In Jordanien angekommen bekamen wir einen Vorgeschmack auf das, was in Königshäusern üblich ist. Die zuständige Pressereferentin wurde nicht müde zu betonen, dass sie von mir einen Fragenkatalog brauche, den Sie der Königin vorlegen müsse. Ich entgegnete, dass ein Film, wie wir ihn planen, so nicht funktioniere und wir mit ihr keine vorbesprochenen Interviews führen könnten. Widerwillig und nach Rücksprache mit der Königin ließ sie sich darauf ein. Und so konnten wir eine andere Königin zeigen. Wir reisten mir ihr im Jeep durchs Land, machten Pause in Beduinen-Zelten, erlebten sie zu Hause mit König Hussein und bei diversen offiziellen Anlässen. Wir sprachen mit Königin Noor, die in den USA aufgewachsen ist und dort als Architektin gearbeitet hatte, über ihre Brückenfunktion zwischen westlicher und arabischer Welt. Kein staatstragender Film, sondern eine Reportage, die den Alltag einer Königin einfangen wollte.

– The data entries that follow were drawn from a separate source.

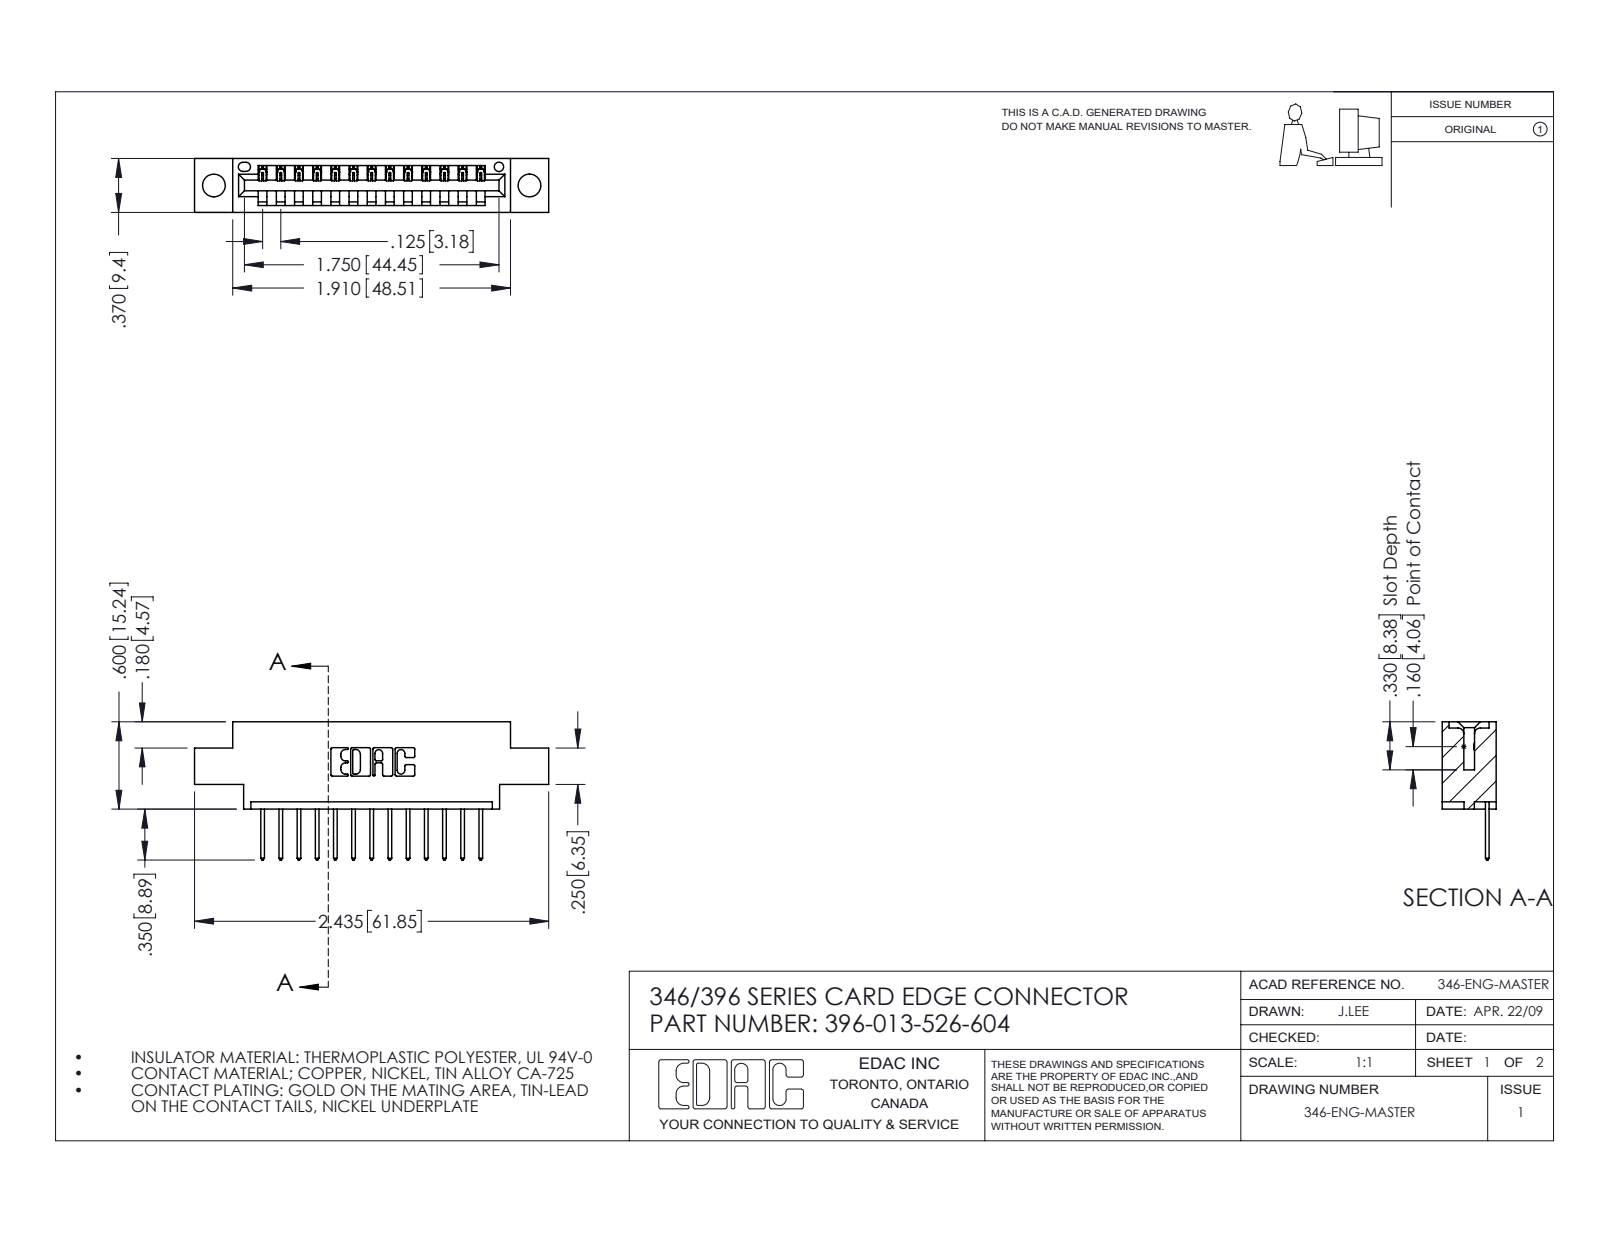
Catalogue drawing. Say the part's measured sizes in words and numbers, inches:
The part is named "345-292-001_345-293-126; 396-013-526-604; 346 Part_0.170 Offset - 0.156 Dia-TH". Its 3-D file was written by "SolidWorks 2016 (CONFIG_CONTROL_DESIGN)". It is 14 solids with 880 faces: 600 planar, 280 cylindrical and 0 other. Overall it measures 2.435 by 0.95 by 0.37 inches. Its volume is 0.334 cubic inches and its surface area 10.03 square inches. Round holes: 2 of diameter 0.156, 1 of diameter 0.064. Partial cylindrical surfaces (rounded edges, fillets, slot ends): 26 of radius 0.006, 26 of radius 0.01, 22 of radius 0.01, 6 of radius 0.007, 6 of radius 0.031, 3 of radius 0.026, 2 of radius 0.031, 2 of radius 0.04. The main face-to-face distances are 0.25, 0.37, 0.048, 0.322, 0.072, 0.298, 0.025, 0.148, 0.222, 0.1. The hole center spacings are 0.246, 1.964, 2.17.
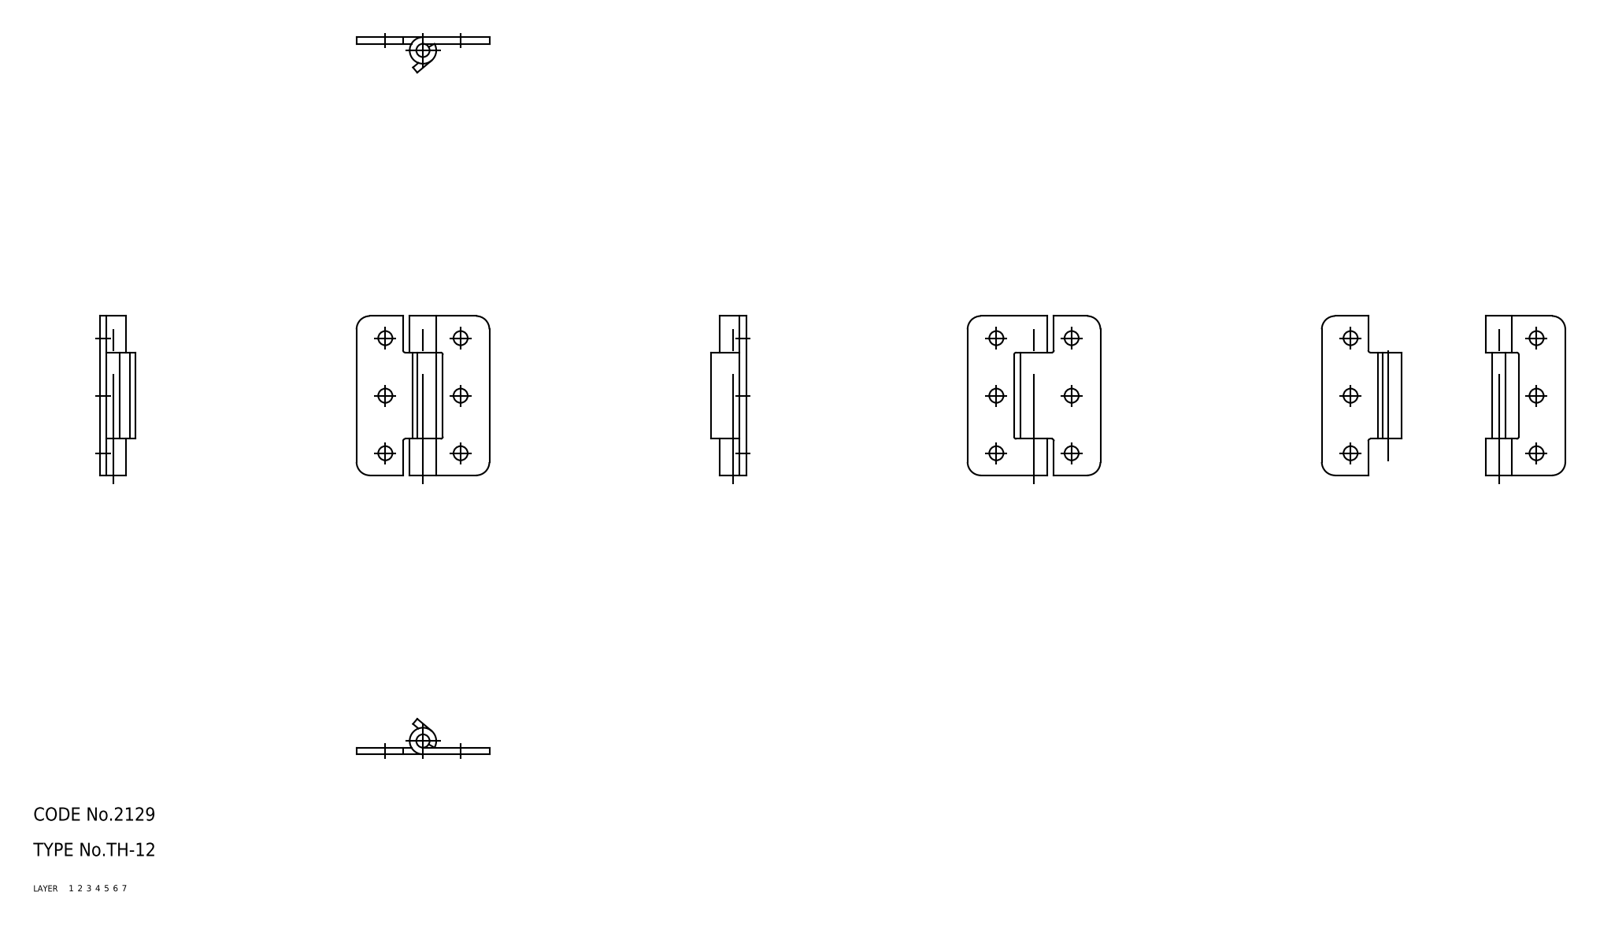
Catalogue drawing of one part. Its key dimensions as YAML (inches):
part_name: "shaft; hinge piece_B; hinge piece_A; TH_12_294_36"
step_written_by: "CADfix (AUTOMOTIVE_DESIGN)"
units: inches
bodies: {solids: 3, faces: 52, planar: 0, cylindrical: 0, other: 52}
overall_size: [1.417, 1.181, 0.315]
volume: 0.129
surface_area: 5.185

Hatten wir bis dahin von vielen Königshäusern noch gar keine oder verhaltene Rückmeldungen erhalten, war der Film über Königin Noor so etwas wie eine Visitenkarte, die uns plötzlich die Türen öffnete. So folgten u.a. Filme über Königin Silvia von Schweden, Ex-Kaiserin Soraya und über Königin Sirikit von Thailand. Anschließend auch über Sportler wie Oliver Kahn und Politiker wie den damaligen Bundespräsidenten Johannes Rau. Die Begegnungen mit Johannes Rau waren besonders spannend, weil er nach anfänglichen Schwierigkeiten darum kämpfte, das Amt des Bundespräsidenten mehr und mehr auszufüllen, was ihm schließlich auch gelang.
Es ist spannend, auch die Welt der Royals und der Hollywood-Schauspieler kennenzulernen, aber ich konnte und kann mir nicht vorstellen, das zur Daueraufgabe zu machen. Es sind journalistische Ausflüge in eine andere Welt, nicht mehr. Im Nachtcafé, im Gespräch mit vor allem unbekannten Menschen, fühle ich mich auch auf Dauer zu Hause, nicht in Hollywood und auch nicht in den Palästen dieser Welt.

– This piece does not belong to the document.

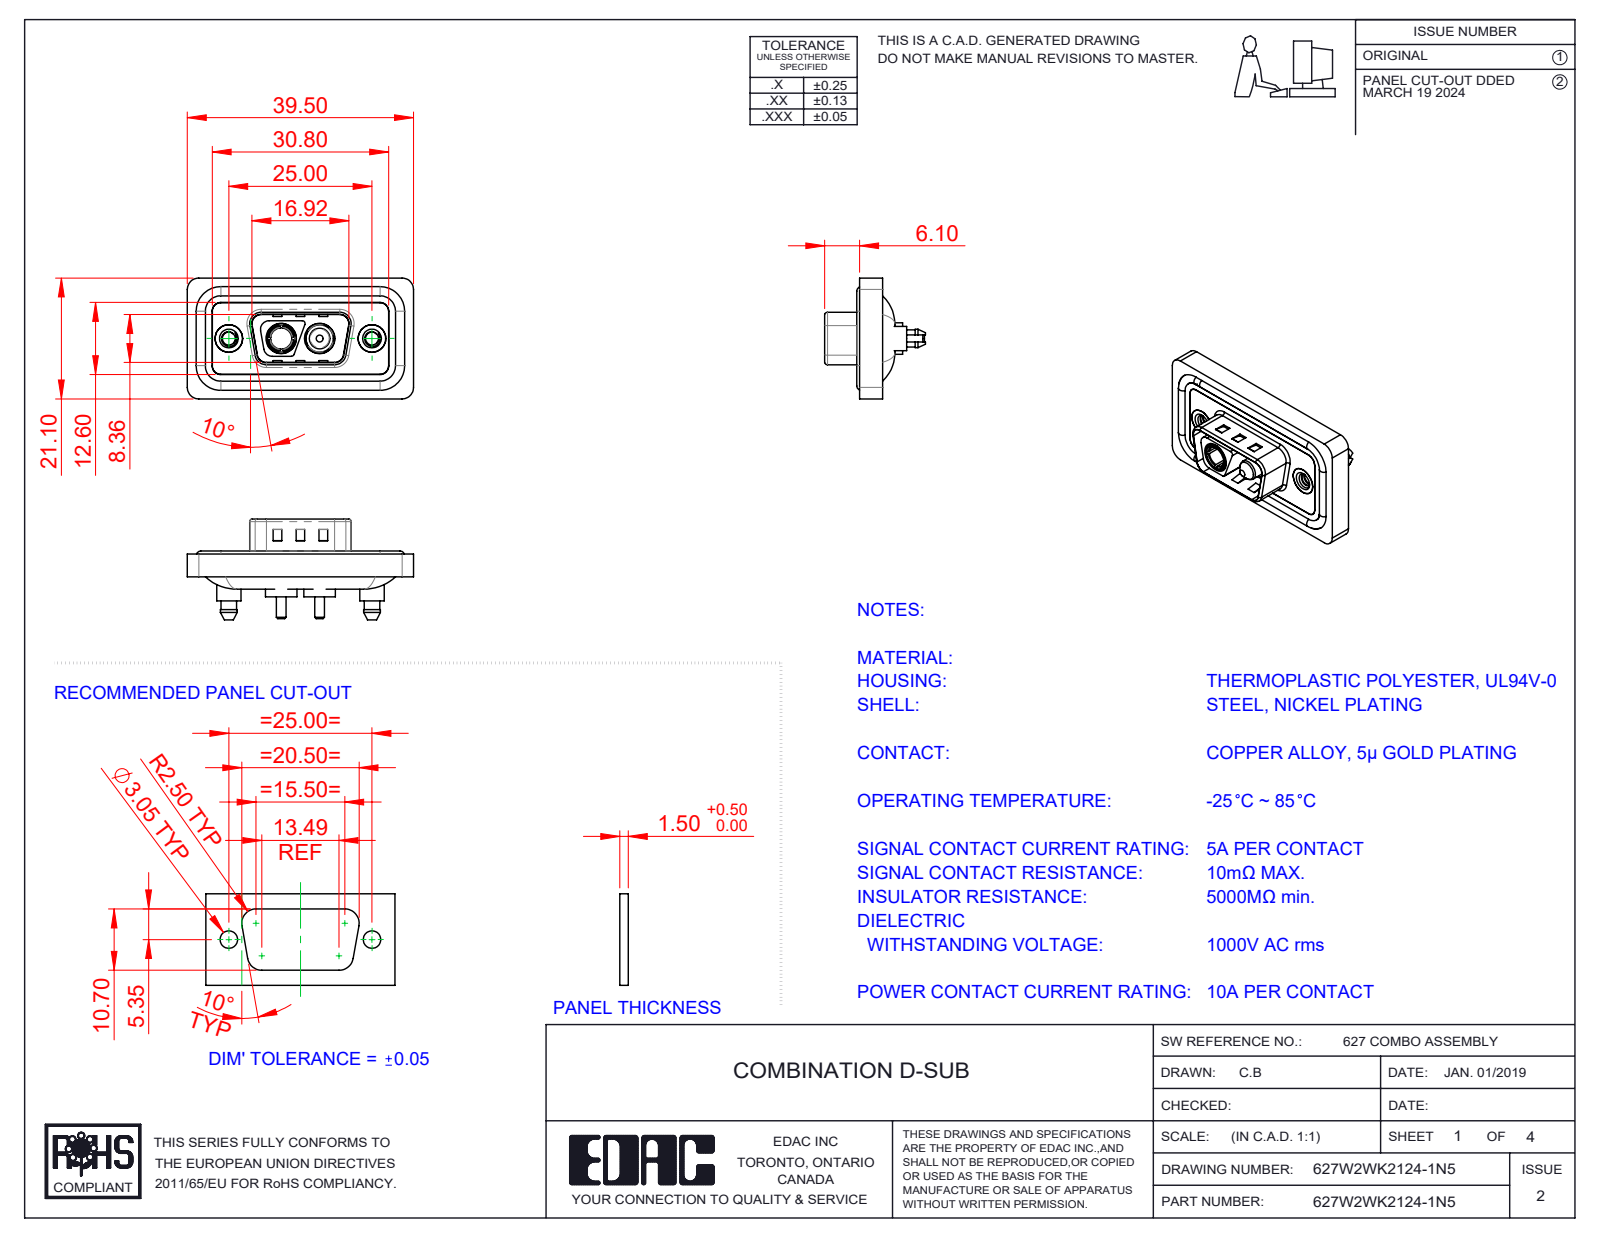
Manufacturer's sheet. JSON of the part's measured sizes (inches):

Meine beruflichen, journalistischen Wurzeln liegen bei DOPPELPUNKT. In der Diskussion mit unbekannten Menschen, die etwas zu sagen und nichts zu verkaufen haben. Die keine Lobby haben und denen wir eine geben wollten. Diese Arbeit habe ich kontinuierlich fortgesetzt. Bei 37 Grad plus. In vielen Filmen, z.B. über AIDS-Kranke, Strafgefangene und Verlierer und Gewinner der Wiedervereinigung. Oder auch an der Universität als Leiter des landesweiten TV-Senders NRWision, der sich seit zehn Jahren ebenfalls erfolgreich zum Ziel setzt, denen eine Stimme zu geben, die sonst nicht gehört werden. Selbst wenn die Arbeit für „das aktuelle sportstudio“ viele Jahre lang sichtbarer gewesen sein mag: Das, was ich bei DOPPELPUNT angefangen hatte, war für mich immer Kern meines journalistischen Selbstverständnisses. Endgültig dahin zurückgekehrt bin ich mit der Moderation des Nachtcafés. In dieser Sendung fühle ich mich deshalb auch sehr zu Hause.
Warum habe ich über viele Jahre auch Filme über Politiker, Königshäuser und Prominente gedreht? Weil auch diese Gruppen Teil dieser Gesellschaft sind. Weil ich für die Zuschauer einen Blick in ihre Welt werfen wollte. Aber ich bin nie ein Teil dieser Welt geworden. Trotzdem haben sie mein Bild von ihr kompletter gemacht.
Was war trotzdem reizvoll daran? Mehrere Wochen lang Bundespräsident Johannes Rau zu begleiten, in dienstlichen und privaten Begegnungen, hat mir sowohl den Menschen und Politiker als auch das Amt nähergebracht. Mit Königin Noor von Jordanien durch Jordanien zu reisen, sie im Palast, aber eben auch bei Anlässen überall im Land zu treffen und mit ihr über ihre politischen Vorstellungen und ihre Mittlerfunktion zwischen den Welten im Nahen Osten zu sprechen.